If the Data Manager and the Data Product Manager are two essential data professions, they have two very distinct roles. Discover all the differences between these two jobs!
With the rise of Big Data, many professions have emerged. For good reason, a wide variety of skills are needed to collect data, transform, store it, analyze it and manage it.
The Data professions are always more numerous and have titles that are sometimes so similar that it is not necessarily easy to distinguish them. Among the roles often mistakenly confused are the Data Manager and the Data Product Manager.
What is a Data Manager?
Many organizations today use Big Data to gain insights into consumer behavior and make better data-driven decisions. This is why the role of a Data Manager has become essential in a wide variety of industries such as finance, health or education.
This expert has many responsibilities. They are responsible for managing files, providing access to the data to different employees, maintaining databases, and simplifying collection and analysis procedures to ensure quick access to metrics.
The Data Manager develops and manages the data systems of a company, in order to meet the needs of the organization or a research team. Its Data Management mission notably involves accessing, validating and storing the data required for research and day-to-day operations.
They must also generate and review documentation for all changes to the databases, and detect inconsistencies and anomalies in the data that could distort the analyses.
In addition, this expert makes recommendations for hardware, software and solutions . storage of data. They communicate with managers and employees on data-related needs.
Since the adoption of the General Data Protection Regulation (GDPR) in the European Union, the Data Manager is also responsible for ensuring the compliance of their organization, making their role even more essential for each company.
To carry out his mission, the Data Manager uses various tools. Data Management platforms such as Amodee, Permutive, Lotame, Nielsen or Oracle BlueKai provide companies with the ability to exploit Big Data from multiple sources in real time.
They provide an overview of customers and provide valuable insight into their behavior. These solutions help the Data Manager to work efficiently, and help organizations collect, sort and store information in the most useful way for managers and sales forces.
Using these platforms, companies become able to personalize the customer experience, increase engagement, identify the causes of marketing failures in real time, build customer loyalty and generate revenue. related to data-driven marketing.
The best Data Management platforms automate and organize the data lifecycle seamlessly. By optimizing the use of hardware, costs can be reduced and security enhanced. These solutions act as software layers for controlling the underlying storage resources.
What is a Data Product Manager?
In the early 2000s, many companies in the digital domain faced a problem. Their teams collected large volumes of data, and used it to develop their products, target their marketing campaigns and make better decisions.

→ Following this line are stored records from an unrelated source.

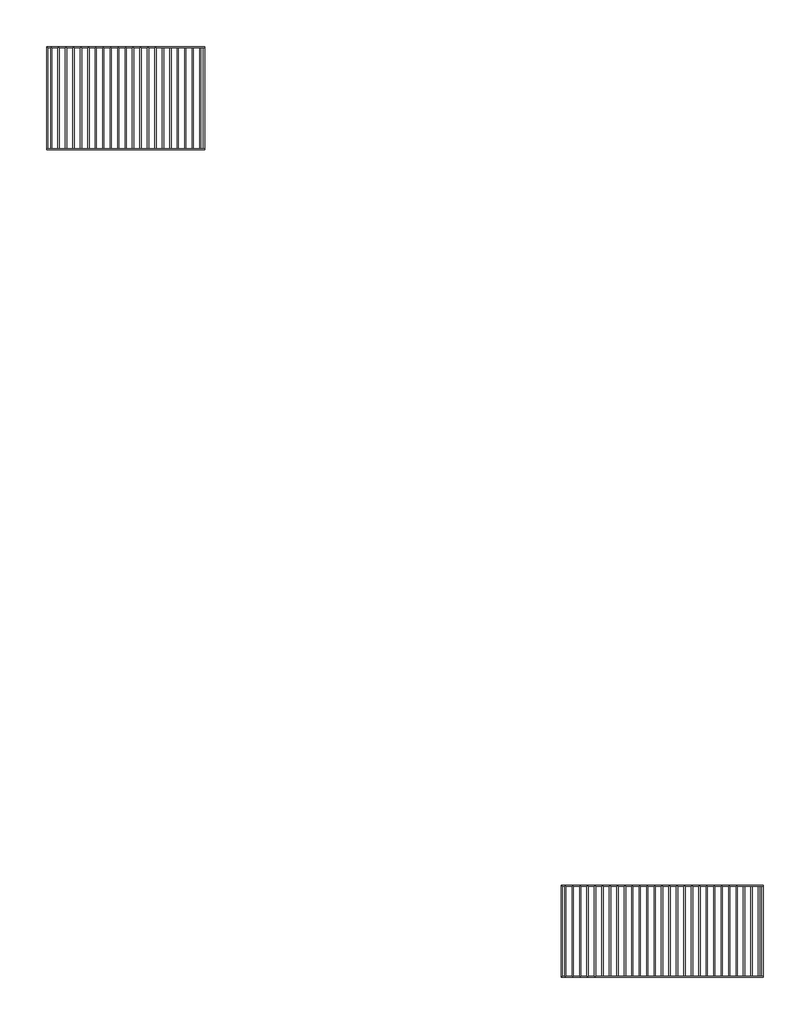
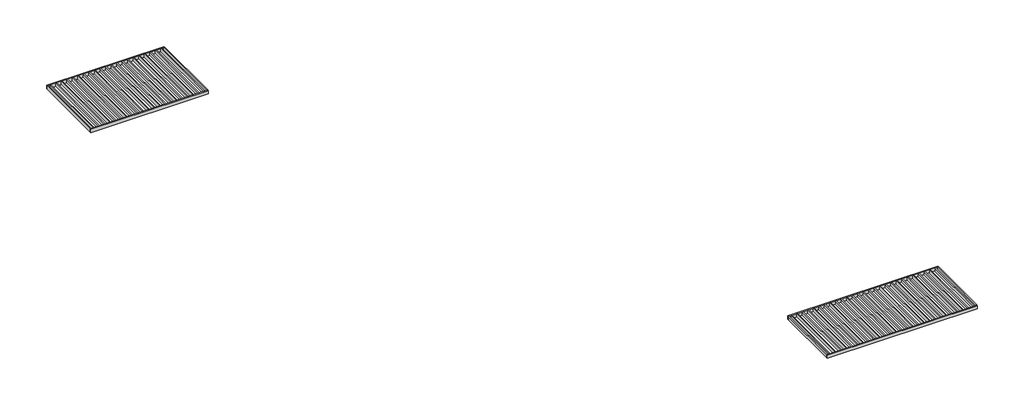
# One storey: 56 beams.
"""IFC4 building model written with IfcOpenShell, lengths in millimetres."""

import ifcopenshell
import ifcopenshell.guid

model = None  # the IFC model being written
_history = None  # IfcOwnerHistory: only IFC2X3 demands one
_inside = {}  # id of a spatial element -> (the spatial element, [elements in it])
_under = {}  # id of a project, library or spatial element -> (it, [spatial elements below it])
_declared = {}  # id of a project -> (the project, [libraries it declares])
_typed = {}  # id of a type object -> (the type object, [elements of that type])
_made_of = {}  # id of a material, layer set ... -> (it, [elements and type objects made of it])


def new_model(schema):
    """Start an empty IFC model of exactly this schema.

    Asked for "IFC4X3", IfcOpenShell would pick the latest addendum, in which some entities
    have other attributes; the version numbers below select the first issue.
    IFC2X3 requires an IfcOwnerHistory on every rooted entity: one is made here for all.
    """
    global model, _history
    if schema == "IFC4X3":
        model = ifcopenshell.file(schema_version=(4, 3, 0, 0))
    else:
        model = ifcopenshell.file(schema=schema)
    _inside.clear()
    _under.clear()
    _declared.clear()
    _typed.clear()
    _made_of.clear()
    _history = None
    if model.schema == "IFC2X3":
        org = make("IfcOrganization", Name="unknown")
        user = make(
            "IfcPersonAndOrganization",
            ThePerson=make("IfcPerson", FamilyName="unknown"),
            TheOrganization=org,
        )
        app = make(
            "IfcApplication",
            ApplicationDeveloper=org,
            Version="unknown",
            ApplicationFullName="unknown",
            ApplicationIdentifier="unknown",
        )
        _history = make(
            "IfcOwnerHistory",
            OwningUser=user,
            OwningApplication=app,
            ChangeAction="ADDED",
            CreationDate=0,
        )
    return model


def make(cls, **values):
    """One entity of the class cls with the attributes given. An attribute that is None is left unset."""
    return model.create_entity(
        cls, **{name: value for name, value in values.items() if value is not None}
    )


def rooted(cls, **values):
    """An entity with a GlobalId (a new one), such as an element, a storey or a relation."""
    return make(cls, GlobalId=ifcopenshell.guid.new(), OwnerHistory=_history, **values)


def si_unit(unit_type, name, prefix=None):
    """IfcSIUnit, for example si_unit("LENGTHUNIT", "METRE", prefix="MILLI")."""
    return make("IfcSIUnit", UnitType=unit_type, Prefix=prefix, Name=name)


def assignment(units):
    """IfcUnitAssignment: the units of a project."""
    return None if units is None else make("IfcUnitAssignment", Units=units)


def point(xyz):
    """IfcCartesianPoint."""
    return None if xyz is None else make("IfcCartesianPoint", Coordinates=xyz)


def direction(xyz):
    """IfcDirection."""
    return None if xyz is None else make("IfcDirection", DirectionRatios=xyz)


def frame(location, z_axis=None, x_axis=None):
    """IfcAxis2Placement3D, a coordinate frame: its origin and axes. An axis left out is left unset."""
    return make(
        "IfcAxis2Placement3D",
        Location=point(location),
        Axis=direction(z_axis),
        RefDirection=direction(x_axis),
    )


def origin():
    """The frame at (0, 0, 0) with its axes left unset."""
    return frame((0.0, 0.0, 0.0))


def place(relative_to, where):
    """IfcLocalPlacement: puts the frame where relative to a parent placement (None: the world)."""
    return make(
        "IfcLocalPlacement", PlacementRelTo=relative_to, RelativePlacement=where
    )


def context(
    kind, dimensions, precision=None, world=None, true_north=None, identifier=None
):
    """IfcGeometricRepresentationContext, for example the 3D "Model" context."""
    return make(
        "IfcGeometricRepresentationContext",
        ContextIdentifier=identifier,
        ContextType=kind,
        CoordinateSpaceDimension=dimensions,
        Precision=precision,
        WorldCoordinateSystem=world,
        TrueNorth=true_north,
    )


def project(units=None, contexts=None):
    """IfcProject with its units and contexts."""
    return rooted(
        "IfcProject",
        Name="project",
        RepresentationContexts=contexts,
        UnitsInContext=assignment(units),
    )


def spatial(cls, under=None, at=None, **own):
    """A site, building, storey or space (cls), placed at a placement, below another one or the project."""
    s = rooted(cls, ObjectPlacement=at, **own)
    if under is not None:
        _under.setdefault(under.id(), (under, []))[1].append(s)
    return s


def polyline(points):
    """IfcPolyline through the points."""
    return make("IfcPolyline", Points=[point(p) for p in points])


def outline(outer, holes=None, kind="AREA"):
    """IfcArbitraryClosedProfileDef: a profile drawn as a closed curve; with holes, ...WithVoids."""
    if holes is None:
        return make("IfcArbitraryClosedProfileDef", ProfileType=kind, OuterCurve=outer)
    return make(
        "IfcArbitraryProfileDefWithVoids",
        ProfileType=kind,
        OuterCurve=outer,
        InnerCurves=holes,
    )


def extrude(swept, where, along, depth):
    """IfcExtrudedAreaSolid: the profile swept, set in the frame where, extruded along a direction by depth."""
    return make(
        "IfcExtrudedAreaSolid",
        SweptArea=swept,
        Position=where,
        ExtrudedDirection=direction(along),
        Depth=depth,
    )


def shape(context_of_items, identifier, shape_type, items):
    """IfcShapeRepresentation: the items that make up one representation, for example the "Body"."""
    return make(
        "IfcShapeRepresentation",
        ContextOfItems=context_of_items,
        RepresentationIdentifier=identifier,
        RepresentationType=shape_type,
        Items=items,
    )


def source(mapping_origin, context_of_items, identifier, shape_type, items):
    """IfcRepresentationMap: a shape defined once, which mapped items show again and again."""
    return make(
        "IfcRepresentationMap",
        MappingOrigin=mapping_origin,
        MappedRepresentation=shape(context_of_items, identifier, shape_type, items),
    )


def transform(
    local_origin,
    x_axis=None,
    y_axis=None,
    z_axis=None,
    scale=None,
    scale2=None,
    scale3=None,
    uniform=True,
):
    """IfcCartesianTransformationOperator3D, or its non-uniform kind. x_axis, y_axis, z_axis: its Axis1, 2, 3."""
    if uniform:
        return make(
            "IfcCartesianTransformationOperator3D",
            Axis1=direction(x_axis),
            Axis2=direction(y_axis),
            LocalOrigin=point(local_origin),
            Scale=scale,
            Axis3=direction(z_axis),
        )
    return make(
        "IfcCartesianTransformationOperator3DnonUniform",
        Axis1=direction(x_axis),
        Axis2=direction(y_axis),
        LocalOrigin=point(local_origin),
        Scale=scale,
        Axis3=direction(z_axis),
        Scale2=scale2,
        Scale3=scale3,
    )


def mapped(mapping_source, mapping_target):
    """IfcMappedItem: shows the shape of a source again, moved by a transform."""
    return make(
        "IfcMappedItem", MappingSource=mapping_source, MappingTarget=mapping_target
    )


def made_of(thing, what):
    """Note that an element or type object is made of a material, layer set ...; save() writes the relation."""
    if what is not None:
        _made_of.setdefault(what.id(), (what, []))[1].append(thing)
    return thing


def element(
    cls,
    number,
    at=None,
    inside=None,
    cuts=None,
    type_object=None,
    material=None,
    context=None,
    identifier="Body",
    shape_type=None,
    held_by="IfcProductDefinitionShape",
    body=None,
    shapes=None,
    **own,
):
    """One element of the class cls, such as IfcWall. Its Tag is "e" and its number.

    at: its placement. inside: the storey or other place that contains it. cuts: it is an
    opening in that element (IfcRelVoidsElement). A single representation is given by context,
    identifier, shape_type and body (its items); several are given by shapes. held_by: the class
    of the entity that holds the representations. save() writes the other relations.
    """
    e = rooted(cls, Tag="e%d" % number, ObjectPlacement=at, **own)
    if body is not None:
        shapes = [shape(context, identifier, shape_type, body)]
    if shapes is not None:
        e.Representation = make(held_by, Representations=shapes)
    if inside is not None:
        _inside.setdefault(inside.id(), (inside, []))[1].append(e)
    if cuts is not None:
        rooted(
            "IfcRelVoidsElement", RelatingBuildingElement=cuts, RelatedOpeningElement=e
        )
    if type_object is not None:
        _typed.setdefault(type_object.id(), (type_object, []))[1].append(e)
    return made_of(e, material)


def aggregate(whole, parts):
    """IfcRelAggregates: a whole, such as a stair, and the parts it consists of."""
    return rooted("IfcRelAggregates", RelatingObject=whole, RelatedObjects=parts)


def save(model, path):
    """Write the relations noted so far, then the file.

    IfcRelAggregates (storeys below a building ...), IfcRelContainedInSpatialStructure (elements
    in a storey), IfcRelDefinesByType, IfcRelAssociatesMaterial and IfcRelDeclares: one each for
    every whole, place, type object, material and project.
    """
    for whole, parts in _under.values():
        aggregate(whole, parts)
    for where, things in _inside.values():
        rooted(
            "IfcRelContainedInSpatialStructure",
            RelatedElements=things,
            RelatingStructure=where,
        )
    for kind, things in _typed.values():
        rooted("IfcRelDefinesByType", RelatedObjects=things, RelatingType=kind)
    for what, things in _made_of.values():
        rooted("IfcRelAssociatesMaterial", RelatedObjects=things, RelatingMaterial=what)
    for by, libraries in _declared.values():
        rooted("IfcRelDeclares", RelatingContext=by, RelatedDefinitions=libraries)
    model.write(path)


def beam_80e5a63c(model_context):
    return source(origin(), model_context, "Body", "SweptSolid", [
        extrude(outline(polyline([(-2451.0, -35.0), (-2451.0, 35.0), (2451.0, 35.0), (2451.0, -35.0), (-2451.0, -35.0)])), frame((0.0, 0.0, -122.5), z_axis=(0.0, 0.0, 1.0), x_axis=(1.0, 0.0, 0.0)), (0.0, 0.0, 1.0), 245.0),
    ])


def beam_9365c9be(model_context):
    return source(origin(), model_context, "Body", "SweptSolid", [
        extrude(outline(polyline([(-2751.0, -35.0), (-2751.0, 35.0), (2751.0, 35.0), (2751.0, -35.0), (-2751.0, -35.0)])), frame((0.0, 0.0, -122.5), z_axis=(0.0, 0.0, 1.0), x_axis=(1.0, 0.0, 0.0)), (0.0, 0.0, 1.0), 245.0),
    ])


model = new_model("IFC4")

# Units and contexts
model_context = context("Model", 3, world=origin())
ifc_project = project(units=[si_unit("LENGTHUNIT", "METRE", prefix="MILLI")], contexts=[model_context])

# Site, building, storey
site = spatial("IfcSite", under=ifc_project)
building = spatial("IfcBuilding", under=site)
storey = spatial("IfcBuildingStorey", under=building, Name="03c_bk balklaag installatieopbouw", Elevation=15500.0)

# Beams
placement = place(None, origin())
element("IfcBeam", 1, ObjectType="NLRS_28_SF_LIB_houten balk-MMBW-SRP_gen_rsf : houten balk_gen__bxh 70x195", at=placement, inside=storey, context=model_context, shape_type="SweptSolid", body=[
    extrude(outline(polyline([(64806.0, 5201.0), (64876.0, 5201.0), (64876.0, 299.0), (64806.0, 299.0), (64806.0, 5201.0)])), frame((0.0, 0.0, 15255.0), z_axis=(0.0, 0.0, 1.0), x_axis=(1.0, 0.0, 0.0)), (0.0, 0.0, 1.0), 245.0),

However, no one was in charge of developing the data analysis solutions or ensuring compliance with applicable data mining laws.
The Data Product Manager role arose to find ways to harness the flow of data throughout a product’s lifecycle and use it to create and perfect new products.
They determine what data is available, where it comes from, who needs the data and why it is here. Their mission is also to identify how to make this data more accessible, to ensure compliance and to make the data useful to more members of the company more quickly.
Like the Data Manager, the Data Product Manager is responsible for Data Management and the process of collecting, organizing, storing and sharing data within the organization. The main difference is that it seeks to exploit this data for the development of Data Products.
So what is a “Data Product”? This term encompasses a wide variety of different elements. It can also be a table of board or a report, an A/B testing platform or a complete platform dedicated to data.
Whatever its nature, this product must allow better access to data, accelerate the return on investment of data, allow teams to save time, and provide more precise insights. This product must also be reliable and observable, scalable, usable, compliant and secure.
In summary, the Data Manager and the Data Product Manager are two key roles in the field of Data Science, but they have different responsibilities and objectives. The Data Manager is primarily responsible for managing and maintaining an organization’s databases, while the Data Product Manager ensures that data-driven products meet the needs of the business and its customers. If you are interested in one of these professions, it is important to understand the differences between these two roles to choose the one that is best for you.